» What you should do
Pull out of the data below the stretch of lines bounded by the one containing "in a storey), IfcRelDefinesByType, IfcRelAssociatesMaterial" and the one containing "for where, things", both bounds included, unchanged.

» Input for this task
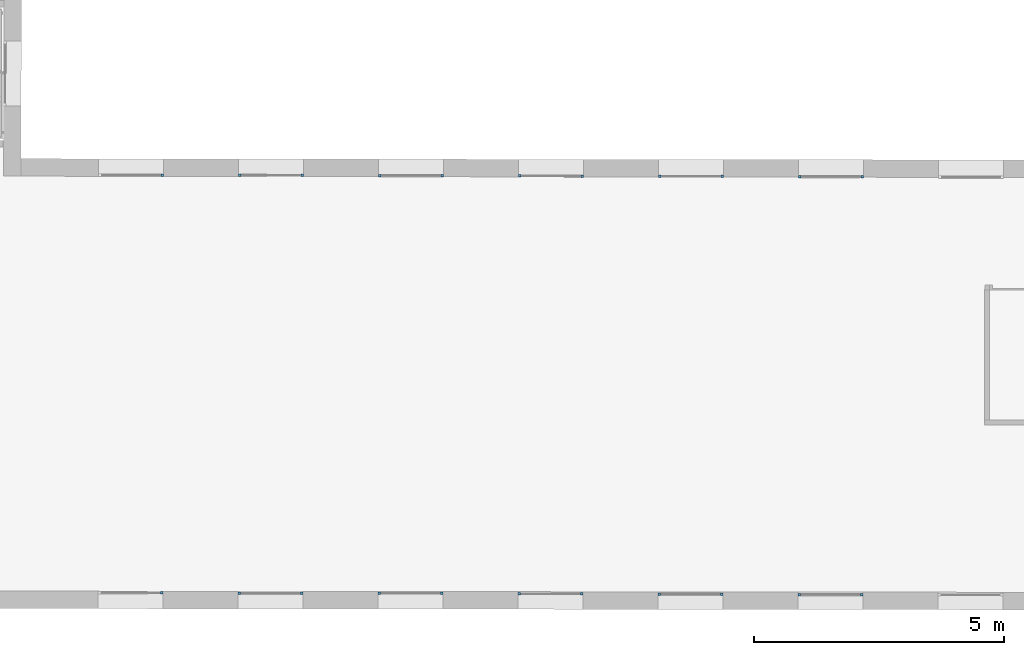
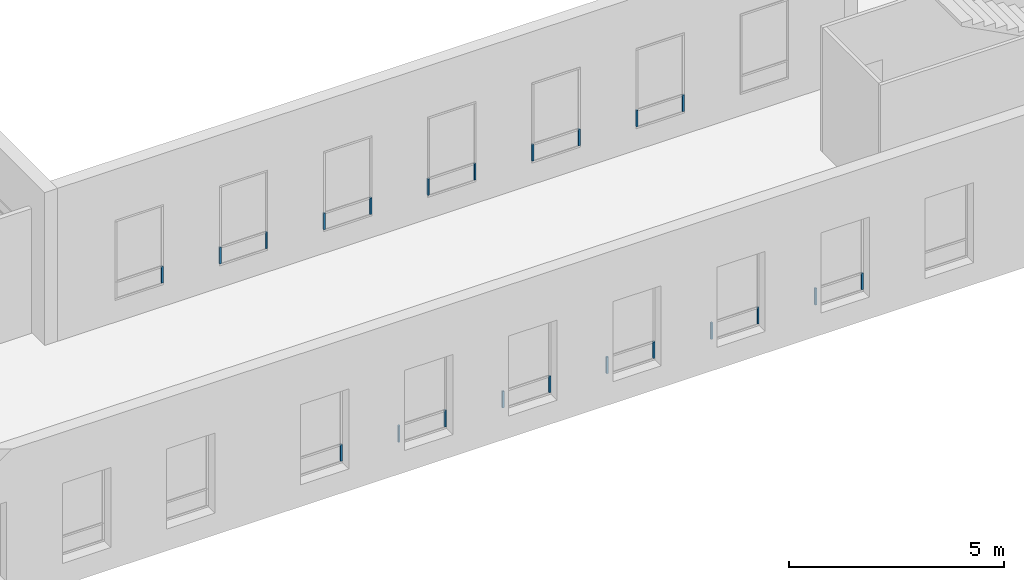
# One storey, part 16 of 35: 22 members, 12 elements without a shape of their own.
"""IFC2X3 building model written with IfcOpenShell, lengths in metres."""

import ifcopenshell
import ifcopenshell.guid

model = None  # the IFC model being written
_history = None  # IfcOwnerHistory: only IFC2X3 demands one
_inside = {}  # id of a spatial element -> (the spatial element, [elements in it])
_under = {}  # id of a project, library or spatial element -> (it, [spatial elements below it])
_declared = {}  # id of a project -> (the project, [libraries it declares])
_typed = {}  # id of a type object -> (the type object, [elements of that type])
_made_of = {}  # id of a material, layer set ... -> (it, [elements and type objects made of it])


def new_model(schema):
    """Start an empty IFC model of exactly this schema.

    Asked for "IFC4X3", IfcOpenShell would pick the latest addendum, in which some entities
    have other attributes; the version numbers below select the first issue.
    IFC2X3 requires an IfcOwnerHistory on every rooted entity: one is made here for all.
    """
    global model, _history
    if schema == "IFC4X3":
        model = ifcopenshell.file(schema_version=(4, 3, 0, 0))
    else:
        model = ifcopenshell.file(schema=schema)
    _inside.clear()
    _under.clear()
    _declared.clear()
    _typed.clear()
    _made_of.clear()
    _history = None
    if model.schema == "IFC2X3":
        org = make("IfcOrganization", Name="unknown")
        user = make(
            "IfcPersonAndOrganization",
            ThePerson=make("IfcPerson", FamilyName="unknown"),
            TheOrganization=org,
        )
        app = make(
            "IfcApplication",
            ApplicationDeveloper=org,
            Version="unknown",
            ApplicationFullName="unknown",
            ApplicationIdentifier="unknown",
        )
        _history = make(
            "IfcOwnerHistory",
            OwningUser=user,
            OwningApplication=app,
            ChangeAction="ADDED",
            CreationDate=0,
        )
    return model


def make(cls, **values):
    """One entity of the class cls with the attributes given. An attribute that is None is left unset."""
    return model.create_entity(
        cls, **{name: value for name, value in values.items() if value is not None}
    )


def entity(cls, *values):
    """Any entity or typed value of the class cls, its attributes in the order of the schema. None: left unset."""
    e = model.create_entity(cls)
    for i, value in enumerate(values):
        if value is not None:
            e[i] = value
    return e


def rooted(cls, **values):
    """An entity with a GlobalId (a new one), such as an element, a storey or a relation."""
    return make(cls, GlobalId=ifcopenshell.guid.new(), OwnerHistory=_history, **values)


def si_unit(unit_type, name, prefix=None):
    """IfcSIUnit, for example si_unit("LENGTHUNIT", "METRE", prefix="MILLI")."""
    return make("IfcSIUnit", UnitType=unit_type, Prefix=prefix, Name=name)


def converted_unit(unit_type, name, factor, base, dimensions=None, offset=None):
    """IfcConversionBasedUnit, such as the inch: factor (a typed value) times the base unit."""
    return make(
        "IfcConversionBasedUnit"
        if offset is None
        else "IfcConversionBasedUnitWithOffset",
        ConversionOffset=offset,
        Dimensions=None
        if dimensions is None
        else entity("IfcDimensionalExponents", *dimensions),
        UnitType=unit_type,
        Name=name,
        ConversionFactor=make(
            "IfcMeasureWithUnit", ValueComponent=factor, UnitComponent=base
        ),
    )


def derived_unit(unit_type, elements):
    """IfcDerivedUnit: a product of units, each with its exponent."""
    return make(
        "IfcDerivedUnit",
        Elements=[
            make("IfcDerivedUnitElement", Unit=unit, Exponent=power)
            for unit, power in elements
        ],
        UnitType=unit_type,
    )


def assignment(units):
    """IfcUnitAssignment: the units of a project."""
    return None if units is None else make("IfcUnitAssignment", Units=units)


def point(xyz):
    """IfcCartesianPoint."""
    return None if xyz is None else make("IfcCartesianPoint", Coordinates=xyz)


def direction(xyz):
    """IfcDirection."""
    return None if xyz is None else make("IfcDirection", DirectionRatios=xyz)


def frame(location, z_axis=None, x_axis=None):
    """IfcAxis2Placement3D, a coordinate frame: its origin and axes. An axis left out is left unset."""
    return make(
        "IfcAxis2Placement3D",
        Location=point(location),
        Axis=direction(z_axis),
        RefDirection=direction(x_axis),
    )


def frame_2d(location, x_axis=None):
    """IfcAxis2Placement2D, a coordinate frame in the plane: its origin and x axis."""
    return make(
        "IfcAxis2Placement2D", Location=point(location), RefDirection=direction(x_axis)
    )


def origin():
    """The frame at (0, 0, 0) with its axes left unset."""
    return frame((0.0, 0.0, 0.0))


def origin_2d_with_axis():
    """The frame at (0, 0) in the plane with the x axis (1, 0) written out."""
    return frame_2d((0.0, 0.0), x_axis=(1.0, 0.0))


def place(relative_to, where):
    """IfcLocalPlacement: puts the frame where relative to a parent placement (None: the world)."""
    return make(
        "IfcLocalPlacement", PlacementRelTo=relative_to, RelativePlacement=where
    )


def context(
    kind, dimensions, precision=None, world=None, true_north=None, identifier=None
):
    """IfcGeometricRepresentationContext, for example the 3D "Model" context."""
    return make(
        "IfcGeometricRepresentationContext",
        ContextIdentifier=identifier,
        ContextType=kind,
        CoordinateSpaceDimension=dimensions,
        Precision=precision,
        WorldCoordinateSystem=world,
        TrueNorth=true_north,
    )


def subcontext(parent, identifier, kind, view, scale=None):
    """IfcGeometricRepresentationSubContext, for example "Body" below "Model"."""
    return make(
        "IfcGeometricRepresentationSubContext",
        ContextIdentifier=identifier,
        ContextType=kind,
        ParentContext=parent,
        TargetScale=scale,
        TargetView=view,
    )


def project(units=None, contexts=None):
    """IfcProject with its units and contexts."""
    return rooted(
        "IfcProject",
        Name="project",
        RepresentationContexts=contexts,
        UnitsInContext=assignment(units),
    )


def spatial(cls, under=None, at=None, **own):
    """A site, building, storey or space (cls), placed at a placement, below another one or the project."""
    s = rooted(cls, ObjectPlacement=at, **own)
    if under is not None:
        _under.setdefault(under.id(), (under, []))[1].append(s)
    return s


def profile(cls, at=None, kind="AREA", **sizes):
    """A parametric profile (cls). Its sizes go by their IFC names, for example OverallWidth=200.0."""
    return make(cls, ProfileType=kind, Position=at, **sizes)


def rectangle(**sizes):
    """IfcRectangleProfileDef."""
    return profile("IfcRectangleProfileDef", **sizes)


def extrude(swept, where, along, depth):
    """IfcExtrudedAreaSolid: the profile swept, set in the frame where, extruded along a direction by depth."""
    return make(
        "IfcExtrudedAreaSolid",
        SweptArea=swept,
        Position=where,
        ExtrudedDirection=direction(along),
        Depth=depth,
    )


def shape(context_of_items, identifier, shape_type, items):
    """IfcShapeRepresentation: the items that make up one representation, for example the "Body"."""
    return make(
        "IfcShapeRepresentation",
        ContextOfItems=context_of_items,
        RepresentationIdentifier=identifier,
        RepresentationType=shape_type,
        Items=items,
    )


def source(mapping_origin, context_of_items, identifier, shape_type, items):
    """IfcRepresentationMap: a shape defined once, which mapped items show again and again."""
    return make(
        "IfcRepresentationMap",
        MappingOrigin=mapping_origin,
        MappedRepresentation=shape(context_of_items, identifier, shape_type, items),
    )


def transform(
    local_origin,
    x_axis=None,
    y_axis=None,
    z_axis=None,
    scale=None,
    scale2=None,
    scale3=None,
    uniform=True,
):
    """IfcCartesianTransformationOperator3D, or its non-uniform kind. x_axis, y_axis, z_axis: its Axis1, 2, 3."""
    if uniform:
        return make(
            "IfcCartesianTransformationOperator3D",
            Axis1=direction(x_axis),
            Axis2=direction(y_axis),
            LocalOrigin=point(local_origin),
            Scale=scale,
            Axis3=direction(z_axis),
        )
    return make(
        "IfcCartesianTransformationOperator3DnonUniform",
        Axis1=direction(x_axis),
        Axis2=direction(y_axis),
        LocalOrigin=point(local_origin),
        Scale=scale,
        Axis3=direction(z_axis),
        Scale2=scale2,
        Scale3=scale3,
    )


def mapped(mapping_source, mapping_target):
    """IfcMappedItem: shows the shape of a source again, moved by a transform."""
    return make(
        "IfcMappedItem", MappingSource=mapping_source, MappingTarget=mapping_target
    )


def material(Name=None, Category=None):
    """IfcMaterial."""
    return make("IfcMaterial", Name=Name, Category=Category)


def made_of(thing, what):
    """Note that an element or type object is made of a material, layer set ...; save() writes the relation."""
    if what is not None:
        _made_of.setdefault(what.id(), (what, []))[1].append(thing)
    return thing


def type_object(cls, material=None, **own):
    """A type object (cls), such as IfcWallType, which elements share."""
    return made_of(rooted(cls, **own), material)


def type_shapes(of_type, sources):
    """Give a type object the sources (RepresentationMaps) that its elements show as mapped items."""
    of_type.RepresentationMaps = sources


def element(
    cls,
    number,
    at=None,
    inside=None,
    cuts=None,
    type_object=None,
    material=None,
    context=None,
    identifier="Body",
    shape_type=None,
    held_by="IfcProductDefinitionShape",
    body=None,
    shapes=None,
    **own,
):
    """One element of the class cls, such as IfcWall. Its Tag is "e" and its number.

    at: its placement. inside: the storey or other place that contains it. cuts: it is an
    opening in that element (IfcRelVoidsElement). A single representation is given by context,
    identifier, shape_type and body (its items); several are given by shapes. held_by: the class
    of the entity that holds the representations. save() writes the other relations.
    """
    e = rooted(cls, Tag="e%d" % number, ObjectPlacement=at, **own)
    if body is not None:
        shapes = [shape(context, identifier, shape_type, body)]
    if shapes is not None:
        e.Representation = make(held_by, Representations=shapes)
    if inside is not None:
        _inside.setdefault(inside.id(), (inside, []))[1].append(e)
    if cuts is not None:
        rooted(
            "IfcRelVoidsElement", RelatingBuildingElement=cuts, RelatedOpeningElement=e
        )
    if type_object is not None:
        _typed.setdefault(type_object.id(), (type_object, []))[1].append(e)
    return made_of(e, material)


def aggregate(whole, parts):
    """IfcRelAggregates: a whole, such as a stair, and the parts it consists of."""
    return rooted("IfcRelAggregates", RelatingObject=whole, RelatedObjects=parts)


def save(model, path):
    """Write the relations noted so far, then the file.

    IfcRelAggregates (storeys below a building ...), IfcRelContainedInSpatialStructure (elements
    in a storey), IfcRelDefinesByType, IfcRelAssociatesMaterial and IfcRelDeclares: one each for
    every whole, place, type object, material and project.
    """
    for whole, parts in _under.values():
        aggregate(whole, parts)
    for where, things in _inside.values():
        rooted(
            "IfcRelContainedInSpatialStructure",
            RelatedElements=things,
            RelatingStructure=where,
        )
    for kind, things in _typed.values():
        rooted("IfcRelDefinesByType", RelatedObjects=things, RelatingType=kind)
    for what, things in _made_of.values():
        rooted("IfcRelAssociatesMaterial", RelatedObjects=things, RelatingMaterial=what)
    for by, libraries in _declared.values():
        rooted("IfcRelDeclares", RelatingContext=by, RelatedDefinitions=libraries)
    model.write(path)


model = new_model("IFC2X3")

# Units and contexts
model_context = context("Model", 3, precision=1e-05, world=origin(), true_north=direction((6.123233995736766e-17, 1.0)))
body_context = subcontext(model_context, "Body", "Model", "MODEL_VIEW")
ifc_project = project(units=[si_unit("LENGTHUNIT", "METRE"), si_unit("AREAUNIT", "SQUARE_METRE"), converted_unit("PLANEANGLEUNIT", "DEGREE", entity("IfcPlaneAngleMeasure", 0.017453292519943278), si_unit("PLANEANGLEUNIT", "RADIAN"), dimensions=[0, 0, 0, 0, 0, 0, 0]), derived_unit("THERMALTRANSMITTANCEUNIT", [(si_unit("MASSUNIT", "GRAM", prefix="KILO"), 1), (si_unit("THERMODYNAMICTEMPERATUREUNIT", "KELVIN"), -1), (si_unit("TIMEUNIT", "SECOND"), -3)])], contexts=[model_context])

# Site, building, storey
site_placement = place(None, frame((1253.6752467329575, 2072.143113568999, 91.49999999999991), z_axis=(0.0, 0.0, 1.0), x_axis=(0.7237211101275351, 0.6900925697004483, 0.0)))
site = spatial("IfcSite", under=ifc_project, at=site_placement, Name="Surface", CompositionType="ELEMENT")
building_placement = place(site_placement, origin())
building = spatial("IfcBuilding", under=site, at=building_placement, CompositionType="ELEMENT")
storey_placement = place(building_placement, frame((0.0, 0.0, 3.549999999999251)))
storey = spatial("IfcBuildingStorey", under=building, at=storey_placement, Name="1-R+1", CompositionType="ELEMENT", Elevation=3.549999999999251)

# Curtain wall, member
curtain_wall_type = type_object("IfcCurtainWallType", Name="Mur-rideau:Menuiserie Ext 1F+1OB VERTIC", PredefinedType="NOTDEFINED")
curtain_wall_1_placement = place(storey_placement, frame((0.0, 0.0, -3.549999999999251)))
curtain_wall_1 = element("IfcCurtainWall", 1, at=curtain_wall_1_placement, inside=storey, type_object=curtain_wall_type, Name="Mur-rideau:Menuiserie Ext 1F+1OB VERTIC", ObjectType="Mur-rideau:Menuiserie Ext 1F+1OB VERTIC")
ifc_material = material(Name="OMD_Aluminium Men Ext")
member_type_1 = type_object("IfcMemberType", Name="Meneau rectangulaire:50x50", PredefinedType="MULLION", material=ifc_material)
shared_shape_1 = source(origin(), body_context, "Body", "SweptSolid", [
    extrude(rectangle(XDim=0.05, YDim=0.049999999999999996, at=origin_2d_with_axis()), frame((-0.025, 0.0, -0.4699999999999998), z_axis=(0.0, 0.0, 1.0), x_axis=(-1.0, 0.0, 0.0)), (0.0, 0.0, 1.0), 0.4699999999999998),
])
type_shapes(member_type_1, [shared_shape_1])
member_1_placement = place(curtain_wall_1_placement, frame((157.2208317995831, -8.184696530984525, 4.219999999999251), z_axis=(0.0, 0.0, -1.0), x_axis=(-0.7228702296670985, 0.6909838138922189, 0.0)))
member_1 = element("IfcMember", 2, at=member_1_placement, type_object=member_type_1, material=ifc_material, Name="Meneau rectangulaire:50x50", ObjectType="Meneau rectangulaire:50x50", context=body_context, shape_type="MappedRepresentation", body=[
    mapped(shared_shape_1, transform((0.0, 0.0, 0.0), scale=1.0)),
])

curtain_wall_2_placement = place(storey_placement, frame((0.0, 0.0, -3.549999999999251)))
curtain_wall_2 = element("IfcCurtainWall", 3, at=curtain_wall_2_placement, inside=storey, type_object=curtain_wall_type, Name="Mur-rideau:Menuiserie Ext 1F+1OB VERTIC", ObjectType="Mur-rideau:Menuiserie Ext 1F+1OB VERTIC")
member_2_placement = place(curtain_wall_2_placement, frame((159.24221096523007, -10.122227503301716, 4.219999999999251), z_axis=(0.0, 0.0, -1.0), x_axis=(-0.7228702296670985, 0.6909838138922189, 0.0)))
member_2 = element("IfcMember", 4, at=member_2_placement, type_object=member_type_1, material=ifc_material, Name="Meneau rectangulaire:50x50", ObjectType="Meneau rectangulaire:50x50", context=body_context, shape_type="MappedRepresentation", body=[
    mapped(shared_shape_1, transform((0.0, 0.0, 0.0), scale=1.0)),
])

curtain_wall_3_placement = place(storey_placement, frame((0.0, 0.0, -3.549999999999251)))
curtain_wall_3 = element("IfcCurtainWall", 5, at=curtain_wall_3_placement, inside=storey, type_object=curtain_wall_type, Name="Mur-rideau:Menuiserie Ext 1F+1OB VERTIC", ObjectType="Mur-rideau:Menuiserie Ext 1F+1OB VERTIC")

» Written answer
    in a storey), IfcRelDefinesByType, IfcRelAssociatesMaterial and IfcRelDeclares: one each for
    every whole, place, type object, material and project.
    """
    for whole, parts in _under.values():
        aggregate(whole, parts)
    for where, things in _inside.values():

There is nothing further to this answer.